En ese momento, en el tranvía que llevaba a cincuenta pasajeros, Klein apoyado en la pared del carruaje susurró para sí:
—El detective Erich Stanton parece estar escondiendo algo. Desde que activé mi vista divina, ha mantenido un tono azul y una actitud desinteresada. El color violeta de la espiritualidad está dominando, casi no hay otros colores emocionales.
La mayoría de las personas no pueden mantener este estado durante mucho tiempo. Sí, o bien es un genio que siempre observa y razona, o un personaje especial.
El tranvía, con dos pisos y albergando a cuarenta pasajeros, se dirigió hacia el área del puente de Blackland. Klein comenzaba a recobrar sus pensamientos y miró por la ventana, admirando las distintas construcciones de dos o tres plantas en frente.
A veces incluso podía ver edificios de cinco o seis pisos de color marrón, lo que era una señal del más nuevo estilo arquitectónico de Blackland.

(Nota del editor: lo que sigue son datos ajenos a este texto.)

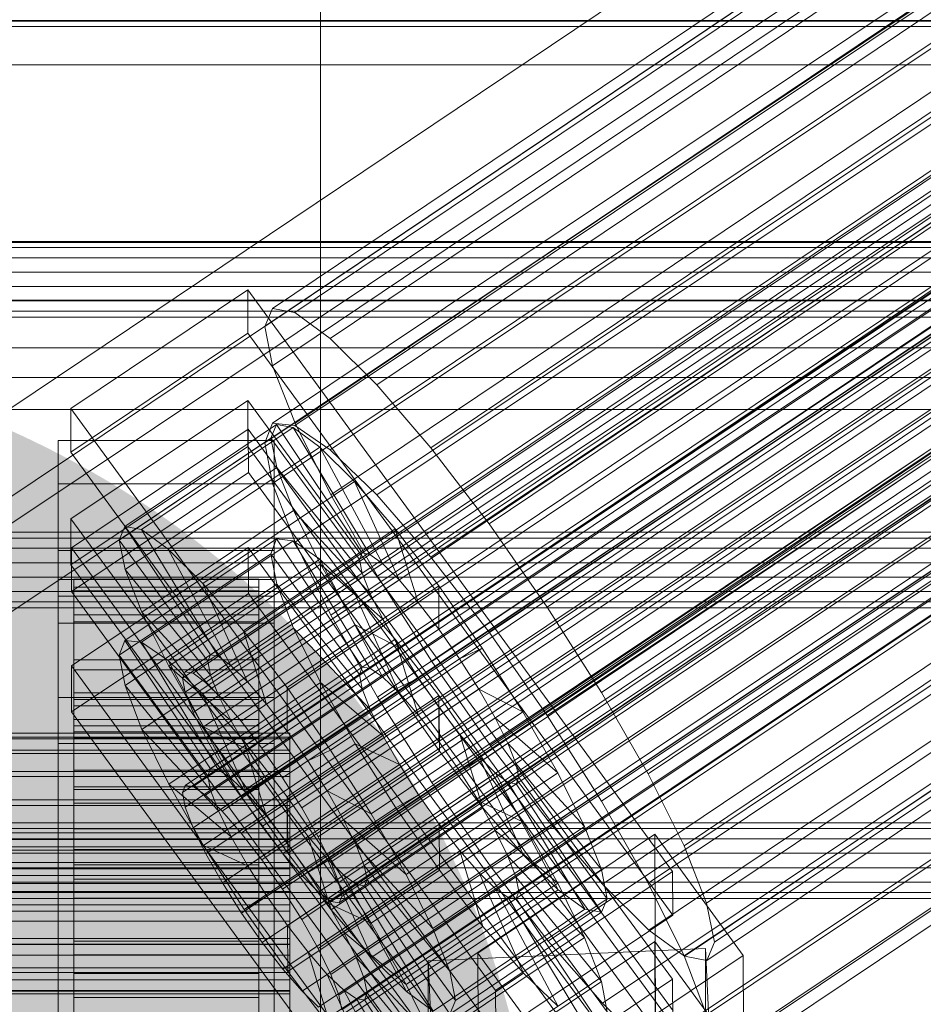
# Model space of a CAD drawing. Header units: millimetres. Extents: x -4395 to 65662, y -65530 to 6847.
# Tile 448 of 656: x 130 to 189, y -33391 to -33327. Entities that reach past the tile are written whole.
import ezdxf

# ---------------------------------------------------------------- set-up
doc = ezdxf.new("R2010")
doc.units = ezdxf.units.MM
for name, color, linetype, lineweight in [('COTAS_O', 1, 'Continuous', 0), ('COTAS_P', 1, 'Continuous', 0), ('frontal_C01', 7, 'Continuous', 0), ('frontal_C01-mix', 7, 'Continuous', 0), ('frontal_C02', 7, 'Continuous', 0), ('frontal_C03', 7, 'Continuous', 0), ('frontal_secador', 7, 'Continuous', 0)]:
    doc.layers.add(name, color=color, linetype=linetype, lineweight=lineweight)
doc.dimstyles.new('R19_100', dxfattribs={"dimtxt": 250, "dimasz": 150, "dimexe": 150, "dimexo": 80, "dimgap": 100, "dimtad": 1, "dimtih": 1, "dimtoh": 1, "dimdsep": 46, "dimcen": 0.09, "dimadec": 0, "dimazin": 0, "dimtfac": 1, "dimtdec": 4, "dimtofl": 0, "dimtmove": 0, "dimatfit": 3, "dimfxl": 1, "dimtolj": 1, "dimtzin": 0, "dimarcsym": 0})

# ---------------------------------------------------------------- blocks, each defined once
blk = doc.blocks.new('DIM_R33_43')
at = {"layer": 'COTAS_O'}
for p, q in [((-1725, -33700), (-1575, -33655)), ((1725, -33700), (1575, -33655)), ((-1725, -34400), (-1725, -33700)), ((-1725, -33700), (1725, -33700)), ((-1725, -33700), (-1575, -33745)), ((1725, -33700), (1575, -33745)), ((1725, -34400), (1725, -33700))]:
    blk.add_line(p, q, dxfattribs=at)
blk.add_text('3450 O', height=250, dxfattribs=at).set_placement((0, -33600))
blk = doc.blocks.new('DIM_R33_44')
at = {"layer": 'COTAS_P'}
for p, q in [((-150, -32200), (550, -32200)), ((550, -32200), (505, -32350)), ((550, -34800), (550, -32200)), ((550, -32200), (595, -32350)), ((550, -34800), (505, -34650)), ((550, -34800), (595, -34650)), ((-150, -34800), (550, -34800))]:
    blk.add_line(p, q, dxfattribs=at)
blk.add_text('2600 P', height=250, rotation=90, dxfattribs=at).set_placement((450, -33500))

msp = doc.modelspace()

# ---------------------------------------------------------------- linework, layer by layer
at = {"layer": 'frontal_C01'}
for p, q in [((146.872, -33345.538), (331.181, -33221.668)), ((148.32, -33345.802), (332.629, -33221.933)), ((146.383, -33346.713), (330.692, -33222.844)), ((150.629, -33347.489), (334.938, -33223.619)), ((141.218, -33369.091), (355.017, -33225.403)), ((141.731, -33369.185), (355.53, -33225.496)), ((146.887, -33349.249), (331.197, -33225.379)), ((141.045, -33369.507), (354.844, -33225.819)), ((142.549, -33369.782), (356.348, -33226.094)), ((141.224, -33370.406), (355.022, -33226.717)), ((153.641, -33350.482), (337.95, -33226.613)), ((143.617, -33370.843), (357.415, -33227.155)), ((141.742, -33371.725), (355.541, -33228.037)), ((144.861, -33372.295), (358.659, -33228.606)), ((148.35, -33352.971), (332.659, -33229.102)), ((142.565, -33373.375), (356.363, -33229.686)), ((359.995, -33230.35), (146.196, -33374.038)), ((157.152, -33354.579), (341.461, -33230.71)), ((143.635, -33375.243), (357.434, -33231.554)), ((147.533, -33375.955), (361.332, -33232.266)), ((144.881, -33377.202), (358.68, -33233.514)), ((150.672, -33357.627), (334.981, -33233.758)), ((148.779, -33377.914), (362.578, -33234.225)), ((146.218, -33379.119), (360.017, -33235.43)), ((345.231, -33235.63), (160.922, -33359.5)), ((149.85, -33379.782), (363.648, -33236.094)), ((147.554, -33380.862), (361.352, -33237.174)), ((150.672, -33381.432), (364.471, -33237.743)), ((148.798, -33382.314), (362.596, -33238.625)), ((151.191, -33382.751), (364.989, -33239.062)), ((153.694, -33362.9), (338.003, -33239.03)), ((149.865, -33383.374), (363.664, -33239.686)), ((151.369, -33383.649), (365.168, -33239.961)), ((150.683, -33383.972), (364.482, -33240.284)), ((151.196, -33384.066), (364.995, -33240.377)), ((164.693, -33364.909), (349.002, -33241.039)), ((157.211, -33368.429), (341.52, -33244.56)), ((168.21, -33370.438), (352.519, -33246.569)), ((160.982, -33373.838), (345.291, -33249.969)), ((171.232, -33375.71), (355.541, -33251.841)), ((164.752, -33378.759), (349.061, -33254.889)), ((173.554, -33380.366), (357.863, -33256.497)), ((168.263, -33382.855), (352.572, -33258.986)), ((175.016, -33384.089), (359.326, -33260.22)), ((171.275, -33385.849), (355.584, -33261.98)), ((175.521, -33386.624), (359.83, -33262.755)), ((173.584, -33387.535), (357.893, -33263.666)), ((175.032, -33387.8), (359.341, -33263.931)), ((228.298, -33285.886), (130, -33351.95)), ((130, -33357.709), (228.298, -33291.645)), ((425, -33326.911), (-425, -33326.911)), ((425, -33329.738), (-425, -33329.738)), ((-425, -33341.25), (425, -33341.25)), ((133.809, -33352.03), (145.277, -33344.323)), ((145.277, -33344.323), (145.289, -33347.146)), ((145.277, -33344.323), (172.809, -33382.034)), ((146.383, -33346.713), (146.872, -33345.538)), ((146.872, -33345.538), (148.32, -33345.802)), ((148.32, -33345.802), (150.629, -33347.489)), ((146.887, -33349.249), (146.383, -33346.713)), ((145.289, -33347.146), (133.821, -33354.853)), ((172.821, -33384.857), (145.289, -33347.146)), ((150.629, -33347.489), (153.641, -33350.482)), ((148.35, -33352.971), (146.887, -33349.249)), ((153.641, -33350.482), (157.152, -33354.579)), ((133.821, -33354.853), (133.809, -33352.03)), ((161.341, -33389.742), (133.809, -33352.03)), ((137.313, -33359.671), (147.143, -33353.064)), ((147.143, -33353.064), (146.777, -33353.944)), ((148.226, -33353.262), (147.143, -33353.064)), ((147.143, -33353.064), (152.686, -33361.383)), ((150.672, -33357.627), (148.35, -33352.971)), ((133.847, -33361.063), (145.315, -33353.355)), ((138.396, -33359.868), (148.226, -33353.262)), ((145.315, -33353.355), (145.327, -33356.178)), ((145.315, -33353.355), (172.847, -33391.066)), ((149.953, -33354.524), (148.226, -33353.262)), ((148.226, -33353.262), (153.199, -33361.477)), ((133, -33356.907), (133, -33354.084)), ((133, -33354.084), (147, -33354.084)), ((133, -33400.132), (133, -33354.084)), ((136.948, -33360.55), (146.777, -33353.944)), ((146.777, -33353.944), (152.513, -33361.8)), ((146.777, -33353.944), (147.155, -33355.84)), ((147, -33354.084), (147, -33356.907)), ((147, -33354.084), (147, -33400.132)), ((133.821, -33354.853), (161.353, -33392.564)), ((140.123, -33361.13), (149.953, -33354.524)), ((152.207, -33356.763), (149.953, -33354.524)), ((149.953, -33354.524), (154.017, -33362.075)), ((157.152, -33354.579), (160.922, -33359.5)), ((145.327, -33356.178), (133.859, -33363.885)), ((137.325, -33362.447), (147.155, -33355.84)), ((172.859, -33393.889), (145.327, -33356.178)), ((147.155, -33355.84), (152.692, -33362.698)), ((147.155, -33355.84), (148.249, -33358.625)), ((147, -33356.907), (133, -33356.907)), ((133, -33356.907), (133, -33402.955)), ((142.377, -33363.369), (152.207, -33356.763)), ((147, -33402.955), (147, -33356.907)), ((154.833, -33359.827), (152.207, -33356.763)), ((152.207, -33356.763), (155.085, -33363.136)), ((153.694, -33362.9), (150.672, -33357.627)), ((138.419, -33365.231), (148.249, -33358.625)), ((148.249, -33358.625), (153.21, -33364.017)), ((148.249, -33358.625), (149.985, -33362.108)), ((160.922, -33359.5), (164.693, -33364.909)), ((136.948, -33360.55), (137.313, -33359.671)), ((142.856, -33367.99), (137.313, -33359.671)), ((137.313, -33359.671), (138.396, -33359.868)), ((143.369, -33368.084), (138.396, -33359.868)), ((138.396, -33359.868), (140.123, -33361.13)), ((145.003, -33366.434), (154.833, -33359.827)), ((157.653, -33363.508), (154.833, -33359.827)), ((154.833, -33359.827), (156.329, -33364.587)), ((142.683, -33368.406), (136.948, -33360.55)), ((137.325, -33362.447), (136.948, -33360.55)), ((133.859, -33363.885), (133.847, -33361.063)), ((161.379, -33398.774), (133.847, -33361.063)), ((144.188, -33368.681), (140.123, -33361.13)), ((140.123, -33361.13), (142.377, -33363.369)), ((152.686, -33361.383), (142.856, -33367.99)), ((153.199, -33361.477), (143.369, -33368.084)), ((152.513, -33361.8), (152.686, -33361.383)), ((152.686, -33361.383), (153.199, -33361.477)), ((153.199, -33361.477), (154.017, -33362.075)), ((140.156, -33368.714), (149.985, -33362.108)), ((152.513, -33361.8), (142.683, -33368.406)), ((154.017, -33362.075), (144.188, -33368.681)), ((149.985, -33362.108), (154.033, -33365.667)), ((149.985, -33362.108), (152.246, -33366.052)), ((152.692, -33362.698), (152.513, -33361.8)), ((154.017, -33362.075), (155.085, -33363.136)), ((142.862, -33369.305), (137.325, -33362.447)), ((138.419, -33365.231), (137.325, -33362.447)), ((152.692, -33362.698), (142.862, -33369.305)), ((153.21, -33364.017), (152.692, -33362.698)), ((133, -33365.939), (133, -33363.116)), ((133, -33363.116), (147, -33363.116)), ((133, -33409.164), (133, -33363.116)), ((134, -33373.079), (134, -33363.082)), ((134, -33363.082), (134, -33363.609)), ((134, -33363.082), (146, -33363.082)), ((134, -33363.849), (134, -33363.082)), ((145.255, -33369.742), (142.377, -33363.369)), ((142.377, -33363.369), (145.003, -33366.434)), ((155.085, -33363.136), (145.255, -33369.742)), ((146, -33363.609), (146, -33363.082)), ((146, -33363.082), (146, -33373.079)), ((146, -33363.082), (146, -33363.849)), ((147, -33363.116), (147, -33365.939)), ((147, -33363.116), (147, -33409.164)), ((157.211, -33368.429), (153.694, -33362.9)), ((155.085, -33363.136), (156.329, -33364.587)), ((133.859, -33363.885), (161.391, -33401.596)), ((134, -33373.329), (134, -33363.609)), ((134, -33363.609), (134, -33365.395)), ((134, -33363.609), (146, -33363.609)), ((134, -33373.442), (134, -33363.849)), ((134, -33363.849), (146, -33363.849)), ((134, -33365.858), (134, -33363.849)), ((153.21, -33364.017), (143.38, -33370.624)), ((146, -33365.395), (146, -33363.609)), ((146, -33363.609), (146, -33373.329)), ((146, -33363.849), (146, -33373.442)), ((146, -33363.849), (146, -33365.858)), ((157.653, -33363.508), (147.823, -33370.114)), ((154.033, -33365.667), (153.21, -33364.017)), ((157.665, -33366.331), (157.653, -33363.508)), ((160.474, -33367.554), (157.653, -33363.508)), ((156.329, -33364.587), (146.499, -33371.193)), ((156.329, -33364.587), (157.665, -33366.331)), ((143.38, -33370.624), (138.419, -33365.231)), ((140.156, -33368.714), (138.419, -33365.231)), ((164.693, -33364.909), (168.21, -33370.438)), ((147, -33365.939), (133, -33365.939)), ((133, -33365.939), (133, -33411.987)), ((134, -33374.175), (134, -33365.395)), ((134, -33365.395), (134, -33368.318)), ((134, -33365.395), (146, -33365.395)), ((134, -33374.394), (134, -33365.858)), ((134, -33365.858), (146, -33365.858)), ((134, -33368.972), (134, -33365.858)), ((154.033, -33365.667), (144.203, -33372.274)), ((146, -33368.318), (146, -33365.395)), ((146, -33365.395), (146, -33374.175)), ((146, -33365.858), (146, -33374.394)), ((146, -33365.858), (146, -33368.972)), ((147, -33411.987), (147, -33365.939)), ((155.103, -33367.535), (154.033, -33365.667)), ((142.416, -33372.658), (152.246, -33366.052)), ((146.499, -33371.193), (145.003, -33366.434)), ((145.003, -33366.434), (147.823, -33370.114)), ((147.835, -33372.937), (157.665, -33366.331)), ((152.246, -33366.052), (155.103, -33367.535)), ((152.246, -33366.052), (154.877, -33370.187)), ((157.665, -33366.331), (159.001, -33368.247)), ((155.103, -33367.535), (145.274, -33374.142)), ((150.644, -33374.161), (160.474, -33367.554)), ((156.35, -33369.495), (155.103, -33367.535)), ((160.474, -33367.554), (159.001, -33368.247)), ((163.105, -33371.69), (160.474, -33367.554)), ((134, -33375.559), (134, -33368.318)), ((134, -33368.318), (134, -33372.178)), ((134, -33368.318), (146, -33368.318)), ((142.856, -33367.99), (142.683, -33368.406)), ((142.683, -33368.406), (142.862, -33369.305)), ((143.369, -33368.084), (142.856, -33367.99)), ((144.188, -33368.681), (143.369, -33368.084)), ((146, -33372.178), (146, -33368.318)), ((146, -33368.318), (146, -33375.559)), ((159.001, -33368.247), (149.171, -33374.854)), ((160.982, -33373.838), (157.211, -33368.429)), ((159.001, -33368.247), (160.247, -33370.206)), ((134, -33375.869), (134, -33368.972)), ((134, -33368.972), (146, -33368.972)), ((134, -33372.98), (134, -33368.972)), ((144.203, -33372.274), (140.156, -33368.714)), ((142.416, -33372.658), (140.156, -33368.714)), ((141.045, -33369.507), (141.218, -33369.091)), ((141.218, -33369.091), (141.731, -33369.185)), ((145.255, -33369.742), (144.188, -33368.681)), ((146, -33368.972), (146, -33375.869)), ((146, -33368.972), (146, -33372.98)), ((141.224, -33370.406), (141.045, -33369.507)), ((141.731, -33369.185), (142.549, -33369.782)), ((142.549, -33369.782), (143.617, -33370.843)), ((142.862, -33369.305), (143.38, -33370.624)), ((146.499, -33371.193), (145.255, -33369.742)), ((156.35, -33369.495), (146.52, -33376.101)), ((154.877, -33370.187), (156.35, -33369.495)), ((157.686, -33371.411), (156.35, -33369.495)), ((141.742, -33371.725), (141.224, -33370.406)), ((145.047, -33376.794), (154.877, -33370.187)), ((147.823, -33370.114), (147.835, -33372.937)), ((147.823, -33370.114), (150.644, -33374.161)), ((160.247, -33370.206), (150.417, -33376.813)), ((154.877, -33370.187), (157.698, -33374.234)), ((163.105, -33371.69), (160.247, -33370.206)), ((160.247, -33370.206), (161.318, -33372.075)), ((143.38, -33370.624), (144.203, -33372.274)), ((143.617, -33370.843), (144.861, -33372.295)), ((168.21, -33370.438), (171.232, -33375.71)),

Tras un cambio de línea, llegó a la calle de Hierro y bajó frente al bar del Valiente, donde el Sr. Kaspersis estaba sentado en la barra.
El viejo con nariz hundida pidió una bebida virulenta y se deleitaba con su sabor y su ardor en la garganta, cerrando los ojos contento.
Klein se acercó a la barra y golpeó ligeramente, sonriendo:
—¿Está aquí Marji?
Al mismo tiempo, metió una mano en el bolsillo, sujetando el silbato de papel de plata y esperaba con un rostro serio.
—Organizaré una partida de póker esta noche, Texas Hold’em. ¿Te apuntas? —preguntó Kaspersis sonriente.
—No, prefiero quedarme aquí jugando hasta la cena —dijo Klein suspirando, sin pedir nada y saliendo del bar.
Originalmente, Klein planeaba preguntar por otras reuniones de personajes especiales, pero en vista de la situación, decidió no hacerlo.
Podría haber ido a una sala de cartas privada para discutir con Kaspersis, pero prefirió esperar la próxima oportunidad.
Klein, al igual que Klein, no se apresuró a irse a casa y fue a su modesta vivienda en el este. Realizó un oráculo con el humo gris para confirmar que nadie le seguía.
Satisfecho, llegó a la calle Minsk justo antes de que anocheciera, encontrando los buzón lleno de periódicos.
—Salí apurado y no pude leerlos. En el Club Crag, practiqué con el rifle, comí bien y dormí un poco, después jugué varias partidas de tenis con Talamim… Técnicamente insuficiente, pero mi condición física es buena —murmuró Klein.
Entró en la casa y encendió la lámpara del techo. Con los periódicos en mano, se sentó en el sofá e iluminado por la luz parpadeante, comenzó a leerlos.
Klein primero revisó "El Diario de Blackland", saltando directamente al quinto folio y encontrando un anuncio: Compra de mercaderías por parte de la Empresa Ernst!
El precio era 7 peniques por litro de harina, 1 sou por libra de mantequilla, 6 peniques por libra de mantecas, 1 sou y 3 peniques por libra de crema, 8 soles por libra de té negro…
Eso indicaba que a partir de las ocho de la noche del próximo día en el lugar habitual, habría una reunión de personajes especiales. La clave para entrar era golpear la puerta fuertemente siete veces y suavemente una vez, con un intervalo de seis largos y uno corto… los números 3 y 8 no tenían significado—interpretó Klein, apoyándose en el sofá y esperando a la reunión del próximo día.
Vendría a vender algunas recetas, ver si podía obtener las materias primas o artículos necesarios!
PS: ¡Lunes pido recomendaciones y boletos mensuales!